Downside is I now have 2 other machines I can't connect to with all the same symptoms. Identical messages etc. Main machine still connects to everything fine.
Definitely a case of one step forward and two back!
Getting close to the big hammer repair.

Seems to me this is not a BT defect at all, but any further suggestions are welcomed.

Cheers.
Indeed the problem is not BT related.
The best help you can get is here:
http://boinc.berkeley.edu/dev/forum_forum.php?id=10They know a lot more about BOINC than I do.

fred

Another way to check your allowed IP addresses.

Check the first lines of the BOINC log closely after startup.

3         24-09-2010 06:03:29   Config: GUI RPC allowed from:   
4         24-09-2010 06:03:29   Config:   192.168.xxx.xxx   

It list all allowed IP addresses.

I'm using 6.10.56

spurtle

Solved!!  Party time! ;D
Put hammer away.

Went out for a while and on return noticed in BT that machine 5 had picked up a new task for a project it isn't allowed to run.  How strange.  Checked project website and found that task was issued to machine 9. Ah ha!
Carefully compared work in BT with work in BMgr on machines.  Oops nothing adds up in several machines.
BT computers tab -> IP addresses are wrongly assigned to machines.  eg BT shows machine 9's IP and data as being from machine 5.
Manually changed/corrected 4 IP addresses and all is well - with all computers now connected.

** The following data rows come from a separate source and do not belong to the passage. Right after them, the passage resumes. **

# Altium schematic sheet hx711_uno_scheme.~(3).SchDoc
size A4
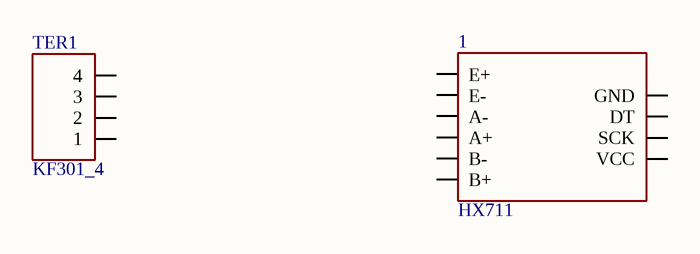
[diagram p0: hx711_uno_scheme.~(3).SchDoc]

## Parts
1  HX711  [HX711]
TER1  KF301_4  [KF304_4]

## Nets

Not connected (* = marked no-connect by the designer): 1 1(E+) 2(E-) 3(A-) 4(A+) 5(B-) 6(B+) 7(GND) 8(DT) 9(SCK) 10(VCC); TER1 1 2 3 4
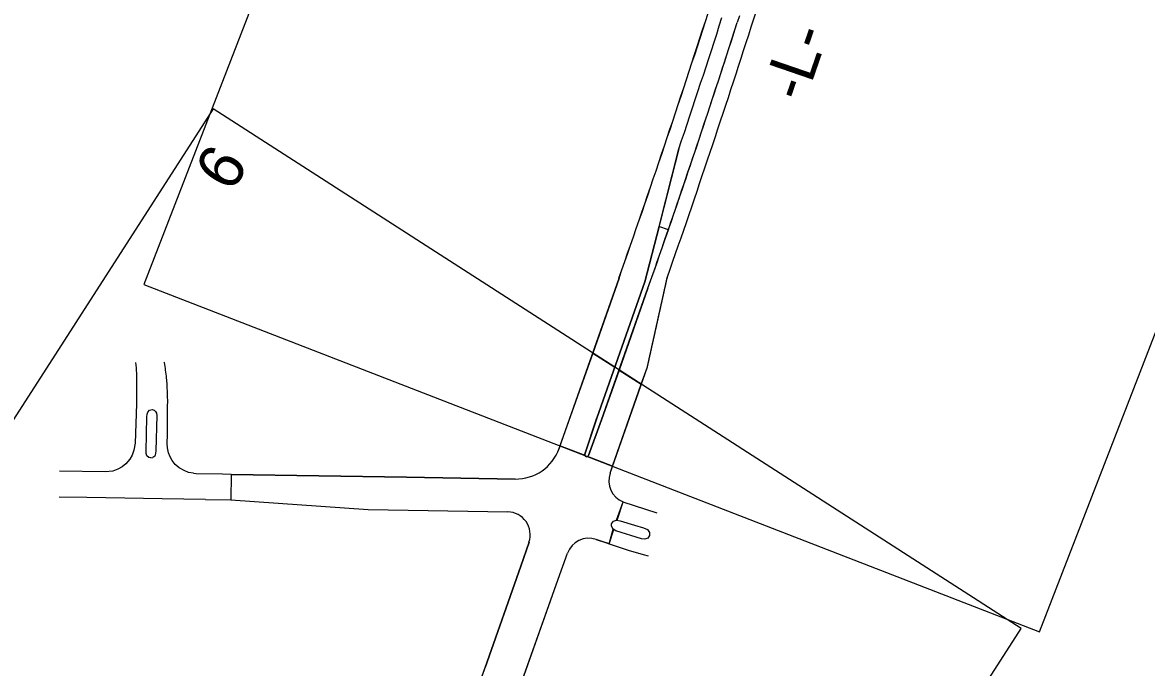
# Model space of a CAD drawing. Extents: x 1970823 to 1988115, y 770601 to 786368.
# Drawn here: x 1976782 to 1978010, y 780658 to 781363 of the extents above; entities that cross this region are included whole.
import ezdxf

# ---------------------------------------------------------------- set-up
doc = ezdxf.new("R2010")
doc.units = 0
for name, color, linetype in [('Old_Level_1', 7, 'Continuous'), ('Old_Level_3', 7, 'Continuous'), ('Prop Conc 5in Monolithic Keyed In Island', 7, 'Continuous'), ('Prop EOT', 7, 'Continuous'), ('Prop Shade Heavy', 7, 'Continuous')]:
    doc.layers.add(name, color=color, linetype=linetype)

msp = doc.modelspace()

# ---------------------------------------------------------------- linework, layer by layer
at = {"layer": 'Old_Level_1'}
for points in [[(1977893.3, 780697.5), (1978399.2, 782002.9), (1977420.1, 782382.3), (1976914.3, 781076.9)], [(1977116.1, 779523.4), (1977873.4, 780700.9), (1976990.2, 781268.9), (1976233, 780091.3)]]:
    msp.add_lwpolyline(points, close=True, dxfattribs=at)
at = {"layer": 'Old_Level_3'}
for p, q in [((1976922.1, 780887.4), (1976924.3, 780887.8)), ((1976968.9, 780870.7), (1976971.8, 780870.3)), ((1977000.3, 780869.7), (1976971.8, 780870.2)), ((1977010, 780869.5), (1977000.3, 780869.7)), ((1976982, 780842.1), (1977009.5, 780841.8)), ((1977425.4, 780812.7), (1977425.6, 780815.6))]:
    msp.add_line(p, q, dxfattribs=at)
for points in [[(1976906.6, 780978.8), (1976906.6, 780948.9), (1976906.5, 780944.9)], [(1976939.6, 780967.3), (1976940.2, 780946.9)], [(1976906.5, 780946.5), (1976904.9, 780903.6), (1976903.7, 780896), (1976901.7, 780890.6), (1976899.2, 780886.1), (1976894.9, 780881.1), (1976890.6, 780877.7), (1976886.2, 780875.2), (1976880.5, 780873.1), (1976872.1, 780872.1), (1976822.1, 780872.9)], [(1976968.9, 780870.7), (1976963.2, 780871.7), (1976958.4, 780873.6), (1976953.2, 780876.7), (1976948.7, 780880.4), (1976945.5, 780884.5), (1976943.2, 780888.6), (1976941.5, 780892.9), (1976940.3, 780898.4), (1976940, 780903.1), (1976940.2, 780913.2), (1976940.2, 780946.6)], [(1976922.1, 780887.4), (1976919.9, 780887.9), (1976917.9, 780889.7), (1976917.1, 780892.2), (1976916.9, 780894.4), (1976917.8, 780932.2), (1976918.1, 780935.2), (1976918.7, 780937.3), (1976920.7, 780939.6), (1976923.4, 780940.4), (1976925.7, 780939.6), (1976927.2, 780938.3), (1976928.3, 780936.3), (1976928.5, 780933.7), (1976927.5, 780895.3), (1976927.3, 780892.3), (1976926.4, 780889.5), (1976924.3, 780887.8)], [(1976982, 780842.1), (1976934.6, 780842.9), (1976893.6, 780843.6), (1976852.3, 780844.2), (1976821.9, 780844.7)], [(1977438.1, 780839.3), (1977475.1, 780827.4)], [(1977425.6, 780815.6), (1977427.6, 780818.3), (1977431.1, 780819.5), (1977434.9, 780818.8), (1977450.8, 780814), (1977460.6, 780810.9), (1977464.8, 780809.2), (1977467, 780805.9), (1977467.1, 780802.6), (1977465.2, 780799.7), (1977462, 780798.5), (1977458.5, 780799.1), (1977430.4, 780807.9), (1977427.3, 780809.6), (1977425.4, 780812.7)], [(1977423, 780793.7), (1977443.8, 780786.8), (1977460.2, 780781.8), (1977465.6, 780780.5)]]:
    msp.add_lwpolyline(points, dxfattribs=at)
for points in [[(1976905.5, 780991.6), (1976906.4, 780980), (1976906.5, 780978.9)], [(1976936.4, 780992.2), (1976936.5, 780991.7), (1976938.9, 780974.6), (1976939.6, 780967.2)]]:
    msp.add_spline(points, degree=3, dxfattribs=at)
at = {"layer": 'Prop Conc 5in Monolithic Keyed In Island'}
for points in [[(1977487.6, 781136.9), (1977486.9, 781137.1), (1977478.2, 781140.1), (1977477.5, 781140.4), (1977461.9, 781079.7), (1977409.6, 780930.9), (1977396.5, 780891.5)], [(1977400.3, 780890.2), (1977414.8, 780929), (1977465.4, 781072.9)]]:
    msp.add_lwpolyline(points, dxfattribs=at)
for centre, radius, start, end in [((1967080, 784724.8), 11008.8, 340.62647, 340.97892), ((1977398.4, 780890.8), 2, 160.3563, 340.9173)]:
    msp.add_arc(centre, radius, start, end, dxfattribs=at)
at = {"layer": 'Prop EOT'}
for p, q in [((1977578.2, 781358.4), (1977609.4, 781455.7)), ((1977499.3, 781225.4), (1977461.9, 781079.7)), ((1977368.3, 780897.8), (1977433.8, 781084)), ((1977409.6, 780930.9), (1977461.9, 781079.7)), ((1977414.8, 780929), (1977465.4, 781072.9)), ((1977424, 780870.9), (1977464.8, 780987)), ((1977396.5, 780891.5), (1977409.7, 780931.1)), ((1977400.3, 780890.2), (1977414.8, 780929)), ((1977010, 780869.5), (1977009.5, 780841.8)), ((1977010, 780869.5), (1977201.4, 780866.4)), ((1977201.4, 780866.4), (1977320.3, 780864.4)), ((1977009.5, 780841.8), (1977159.6, 780831.1)), ((1977159.6, 780831.1), (1977312.1, 780828.5)), ((1977431.6, 780819.4), (1977438.2, 780839.5)), ((1977423, 780793.7), (1977428.2, 780809.1)), ((1977326.5, 780769.3), (1977335.4, 780795.5)), ((1977423, 780793.7), (1977408.8, 780798.4)), ((1977423, 780793.7), (1977420.2, 780794.6)), ((1977367.1, 780755.1), (1977377.4, 780783.3)), ((1977287.5, 780658.4), (1977326.5, 780769.3)), ((1977328.1, 780644.1), (1977367.1, 780755))]:
    msp.add_line(p, q, dxfattribs=at)
for centre, radius, start, end in [((1967080, 784724.8), 10975.2, 340.62647, 342.22085), ((1967080, 784724.8), 11008.8, 340.62647, 342.22085), ((1967080, 784724.8), 10991.2, 341.43473, 342.22085), ((1967080, 784724.8), 11024.8, 340.72417, 342.22085), ((1977321.1, 780914.4), 50, 269.0355, 340.6265), ((1977398.4, 780890.8), 2, 160.3563, 340.9173), ((1977447.6, 780862.6), 25, 160.6265, 247.9083), ((1977311.7, 780803.5), 25, 341.3426, 89.0355), ((1977400.9, 780774.7), 25, 71.6828, 159.9103), ((1975987.1, 781115.7), 1378.5, 320.501, 340.6265)]:
    msp.add_arc(centre, radius, start, end, dxfattribs=at)
for points in [[(1977475.8, 781036.1), (1977475.9, 781036.8), (1977476.1, 781037.5), (1977476.2, 781038.1), (1977476.3, 781038.8), (1977476.5, 781039.5), (1977476.6, 781040.1), (1977476.8, 781040.8), (1977476.9, 781041.5), (1977477.1, 781042.1), (1977477.2, 781042.8), (1977477.4, 781043.5), (1977477.5, 781044.1), (1977477.7, 781044.8), (1977477.8, 781045.5), (1977478, 781046.1), (1977478.1, 781046.8), (1977478.3, 781047.4), (1977478.4, 781048.1), (1977478.6, 781048.8), (1977478.7, 781049.4), (1977478.9, 781050.1), (1977479, 781050.8), (1977479.2, 781051.4), (1977479.3, 781052.1), (1977479.4, 781052.8), (1977479.6, 781053.4), (1977479.7, 781054.1), (1977479.9, 781054.8), (1977480, 781055.4), (1977480.2, 781056.1), (1977480.3, 781056.7), (1977480.5, 781057.4), (1977480.6, 781058.1), (1977480.8, 781058.7), (1977480.9, 781059.4), (1977481.1, 781060.1), (1977481.2, 781060.7), (1977481.4, 781061.4), (1977481.5, 781062.1), (1977481.7, 781062.7), (1977481.8, 781063.4), (1977482, 781064.1), (1977482.1, 781064.7), (1977482.3, 781065.4), (1977482.4, 781066), (1977482.5, 781066.7), (1977482.7, 781067.4), (1977482.8, 781068), (1977483, 781068.7), (1977483.1, 781069.4), (1977483.3, 781070), (1977483.4, 781070.7), (1977483.6, 781071.4), (1977483.7, 781072), (1977483.9, 781072.7), (1977484, 781073.4), (1977484.2, 781074), (1977484.3, 781074.7), (1977484.5, 781075.4), (1977484.6, 781076), (1977484.8, 781076.7), (1977484.9, 781077.4), (1977485.1, 781078), (1977485.2, 781078.7), (1977485.4, 781079.4), (1977485.5, 781080), (1977485.6, 781080.7), (1977485.8, 781081.4), (1977485.9, 781082), (1977486.1, 781082.7), (1977486.2, 781083.4), (1977486.4, 781084), (1977486.7, 781085.4)], [(1977464.8, 780987), (1977465, 780987.7), (1977465.1, 780988.3), (1977465.3, 780989), (1977465.4, 780989.6), (1977465.6, 780990.3), (1977465.7, 780991), (1977465.9, 780991.6), (1977466, 780992.3), (1977466.2, 780993), (1977466.3, 780993.6), (1977466.5, 780994.3), (1977466.6, 780995), (1977466.7, 780995.6), (1977466.9, 780996.3), (1977467, 780997), (1977467.2, 780997.6), (1977467.3, 780998.3), (1977467.5, 780998.9), (1977467.6, 780999.6), (1977467.8, 781000.3), (1977467.9, 781000.9), (1977468.1, 781001.6), (1977468.2, 781002.3), (1977468.4, 781002.9), (1977468.5, 781003.6), (1977468.7, 781004.3), (1977468.8, 781004.9), (1977469, 781005.6), (1977469.1, 781006.3), (1977469.3, 781006.9), (1977469.4, 781007.6), (1977469.6, 781008.2), (1977469.7, 781008.9), (1977469.8, 781009.6), (1977470, 781010.2), (1977470.1, 781010.9), (1977470.3, 781011.6), (1977470.4, 781012.2), (1977470.6, 781012.9), (1977470.7, 781013.6), (1977470.9, 781014.2), (1977471, 781014.9), (1977471.2, 781015.6), (1977471.3, 781016.2), (1977471.5, 781016.9), (1977471.6, 781017.5), (1977471.8, 781018.2), (1977471.9, 781018.9), (1977472.1, 781019.5), (1977472.2, 781020.2), (1977472.4, 781020.9), (1977472.5, 781021.5), (1977472.7, 781022.2), (1977472.8, 781022.9), (1977472.9, 781023.5), (1977473.1, 781024.2), (1977473.2, 781024.9), (1977473.4, 781025.5), (1977473.5, 781026.2), (1977473.7, 781026.8), (1977473.8, 781027.5), (1977474, 781028.2), (1977474.1, 781028.8), (1977474.3, 781029.5), (1977474.4, 781030.2), (1977474.6, 781030.8), (1977474.7, 781031.5), (1977474.9, 781032.2), (1977475, 781032.8), (1977475.2, 781033.5), (1977475.3, 781034.2), (1977475.5, 781034.8), (1977475.6, 781035.5), (1977475.8, 781036.1)]]:
    msp.add_spline(points, degree=3, dxfattribs=at)
at = {"layer": 'Prop Shade Heavy'}
for p, q in [((1977578.2, 781358.4), (1977609.4, 781455.7)), ((1977565.3, 781370.6), (1977563, 781363.3)), ((1977433.8, 781084), (1977405, 781002.1)), ((1977429.2, 780986.6), (1977461.9, 781079.7)), ((1977465.4, 781072.9), (1977433.9, 780983.5)), ((1977405, 781002.1), (1977369.2, 780900.6)), ((1977429.2, 780986.6), (1977405, 781002.1)), ((1977405, 781002.1), (1977429.2, 780986.6)), ((1977433.9, 780983.5), (1977414.8, 780929)), ((1977458.1, 780968), (1977433.9, 780983.5)), ((1977433.9, 780983.5), (1977458.1, 780968)), ((1977458.1, 780968), (1977464.8, 780987)), ((1977426.6, 780878.3), (1977458.1, 780968)), ((1977414.8, 780929), (1977400.3, 780890.2)), ((1977369.2, 780900.6), (1977368.3, 780897.8)), ((1977396.6, 780890), (1977369.2, 780900.6)), ((1977369.2, 780900.6), (1977396.6, 780890)), ((1977426.6, 780878.3), (1977399.2, 780889)), ((1977399.2, 780889), (1977426.6, 780878.3)), ((1977010, 780869.5), (1977009.5, 780841.8)), ((1977201.4, 780866.4), (1977010, 780869.5)), ((1977424, 780870.9), (1977426.6, 780878.3)), ((1977320.3, 780864.4), (1977201.4, 780866.4)), ((1977009.5, 780841.8), (1977159.6, 780831.1)), ((1977159.6, 780831.1), (1977312.1, 780828.5)), ((1977431.1, 780819.5), (1977438.2, 780839.5)), ((1977427.6, 780818.3), (1977431.1, 780819.5)), ((1977427.6, 780818.3), (1977431.1, 780819.5)), ((1977431.1, 780819.5), (1977431.6, 780819.4)), ((1977423, 780793.7), (1977427.3, 780809.6)), ((1977425.4, 780812.7), (1977425.6, 780815.6)), ((1977425.4, 780812.7), (1977425.6, 780815.6)), ((1977427.3, 780809.6), (1977425.4, 780812.7)), ((1977427.3, 780809.6), (1977425.4, 780812.7)), ((1977425.6, 780815.6), (1977427.6, 780818.3)), ((1977425.6, 780815.6), (1977427.6, 780818.3)), ((1977428.2, 780809.1), (1977427.3, 780809.6)), ((1977335.4, 780795.5), (1977326.5, 780769.3)), ((1977408.8, 780798.4), (1977420.2, 780794.6)), ((1977420.2, 780794.6), (1977423, 780793.7)), ((1977367.1, 780755), (1977377.4, 780783.3)), ((1977326.5, 780769.3), (1977287.5, 780658.4)), ((1977328, 780643.9), (1977367.1, 780755))]:
    msp.add_line(p, q, dxfattribs=at)
for points in [[(1977461.9, 781079.7), (1977477.5, 781140.3), (1977499.3, 781225.4)], [(1977396.5, 780891.5), (1977409.6, 780930.9), (1977429.2, 780986.6)], [(1977420.2, 780794.6), (1977420.2, 780794.6)]]:
    msp.add_lwpolyline(points, dxfattribs=at)
for centre, radius, start, end in [((1967080, 784724.8), 10975.3, 340.62647, 342.22085), ((1967080, 784724.8), 11008.8, 340.97892, 342.22085), ((1967080, 784724.8), 10991.2, 341.43473, 342.22085), ((1967080, 784724.8), 11024.8, 340.72417, 342.22085), ((1967080, 784724.8), 11008.8, 340.62647, 340.97892), ((1977321.1, 780914.4), 50, 269.0355, 340.6265), ((1977398.4, 780890.8), 2, 160.3563, 204.5867), ((1977398.4, 780890.8), 2, 204.5867, 293.054), ((1977398.4, 780890.8), 2, 293.054, 340.9173), ((1977447.6, 780862.6), 25, 160.6265, 247.9083), ((1977311.7, 780803.5), 25, 341.3426, 89.0355), ((1977400.9, 780774.7), 25, 71.6828, 159.9103), ((1975987.1, 781115.7), 1378.5, 315.7395, 340.6265)]:
    msp.add_arc(centre, radius, start, end, dxfattribs=at)
for points in [[(1977483, 781069), (1977483.1, 781069.1), (1977483.1, 781069.2), (1977483.1, 781069.4), (1977483.2, 781069.6), (1977483.2, 781069.8), (1977483.3, 781070), (1977483.3, 781070.3), (1977483.4, 781070.5), (1977483.4, 781070.7), (1977483.5, 781070.9), (1977483.5, 781071.1), (1977483.6, 781071.4), (1977483.6, 781071.6), (1977483.7, 781071.8), (1977483.7, 781072), (1977483.8, 781072.3), (1977483.8, 781072.5), (1977483.9, 781072.7), (1977483.9, 781072.9), (1977484, 781073.1), (1977484, 781073.4), (1977484.1, 781073.6), (1977484.1, 781073.8), (1977484.2, 781074), (1977484.2, 781074.3), (1977484.3, 781074.5), (1977484.3, 781074.7), (1977484.4, 781074.9), (1977484.4, 781075.1), (1977484.5, 781075.4), (1977484.5, 781075.6), (1977484.6, 781075.8), (1977484.6, 781076), (1977484.7, 781076.3), (1977484.7, 781076.5), (1977484.8, 781076.7), (1977484.8, 781076.9), (1977484.9, 781077.1), (1977484.9, 781077.4), (1977485, 781077.6), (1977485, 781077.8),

How this came about I have no idea.  Perhaps it was a BT error all along? I'm not even sure if this was the problem from the beginning of the troubles.

Anyway thanks for your generous efforts to help Fred.

Cheers

spurtle

I can now confirm that this was the problem all along.

On the project website I have checked the returned task results of cruncher from a couple of days ago and BT says they were returned by another machine.

It seems to me that following numerous machine boots, router boots and a BT upgrade, this instance of BT has somehow failed to recognise reassigned dynamic LAN IP's.
The BT on the main machine has clearly coped as it has not failed to connect all along.